Given a cyclic group $G$, how do I find the index of subgroup $H = \{x^n : \forall x \in G\}$ for some fixed $n$?
I kind of figured from answers to similar questions that it should be the number of solutions to $x^n = 1$, but I can't quite connect the dots.
Edit: I want to remark I'm assuming finite groups (due to the comments).
Let's first check $H = \{x^n : x \in G\}$ is a subgroup for fixed $n \geq 1$. Notice that $e^n = e$, so $e \in H$. Next, let $a \in H$. Then $a = x^n$ for some $x \in G$, and $a^{-1} = x^{-n} = (x^{-1})^n \in H$. Hence it is closed under inverses. Finally if $a, b \in H$, then $a = x^n$, $b = y^n$ for $x,y \in G$, so $ab = x^n y^n$. Now here is where we need that $G$ is cyclic (so abelian). Recall that for an abelian group we have $(ab)^2 = a^2 b^2$, since $(ab)^2 = abab = aabb = a^2b^2$. By induction, we get this holds for all $n$. Notice that we then have $x^ny^n = (xy)^n \in H$, so it is closed under multiplication. This tells us that it is a subgroup.

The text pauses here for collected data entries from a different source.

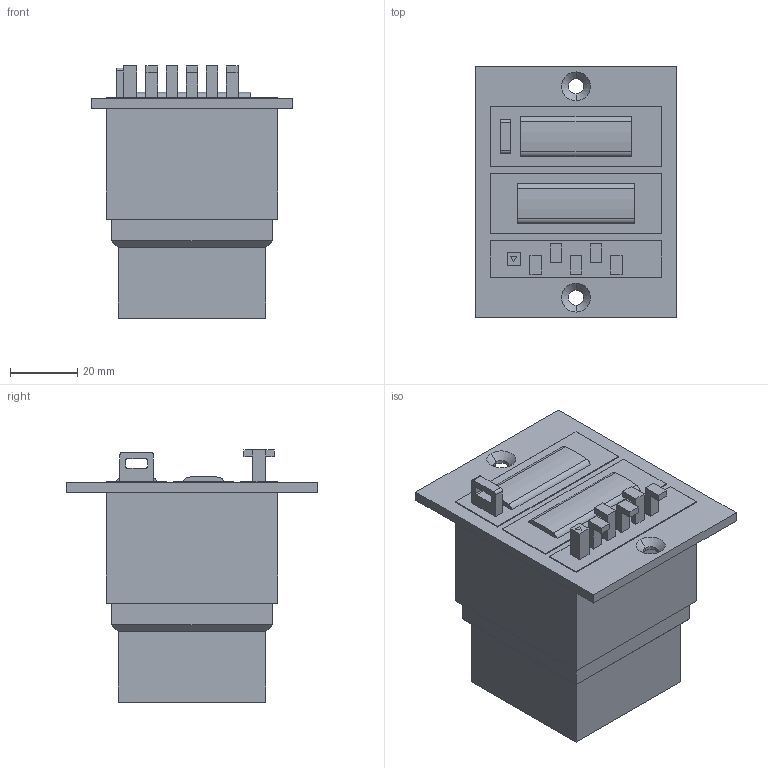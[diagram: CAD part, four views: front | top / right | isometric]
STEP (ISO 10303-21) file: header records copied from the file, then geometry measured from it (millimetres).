
FILE_DESCRIPTION((''),'2;1');
FILE_NAME('0821304008','2015-04-21T',('vol1hc'),(''),'PRO/ENGINEER BY PARAMETRIC TECHNOLOGY CORPORATION, 2009380','PRO/ENGINEER BY PARAMETRIC TECHNOLOGY CORPORATION, 2009380','');
FILE_SCHEMA(('CONFIG_CONTROL_DESIGN'));
Length unit declared in the file: millimetre
Products named in the file (1): 0821304008
Bounding box: 60 x 75 x 75.2 mm (x, y, z)
Volume: 160809.8 mm3; surface area: 23785.7 mm2
Topology: 1 solids, 1 shells, 136 faces, 325 edges, 210 vertices
Faces by surface type: plane 100, cylinder 24, cone 12
Entity records: 3959 total; most frequent: CARTESIAN_POINT 671, DIRECTION 657, ORIENTED_EDGE 650, EDGE_CURVE 325, VECTOR 265, LINE 265, VERTEX_POINT 210, AXIS2_PLACEMENT_3D 196

Now the index of a subgroup is $[G:H] = |G|/|H|$. Consider the map $f : G \rightarrow H$ defined by $f(x) = x^n$. This is clearly surjective. Let's check it is a homomorphism. We have $$ f(xy) = (xy)^n = x^n y^n = f(x) f(y)$$ by our above remark. Finally we observe $$\ker(f) = \{x \in G : f(x) = x^n = e\}.$$ By the first isomorphism theorem, $$ G/\ker(f) \cong H,$$ so $$ |G/\ker(f)| = |G|/|\ker(f)| = |H|,$$ and $$ [G:H] = |G|/|H| = |G|/(|G|/|\ker(f)|) = |\ker(f)|.$$ Thus the index is the number of solutions to the equation $x^n = e$.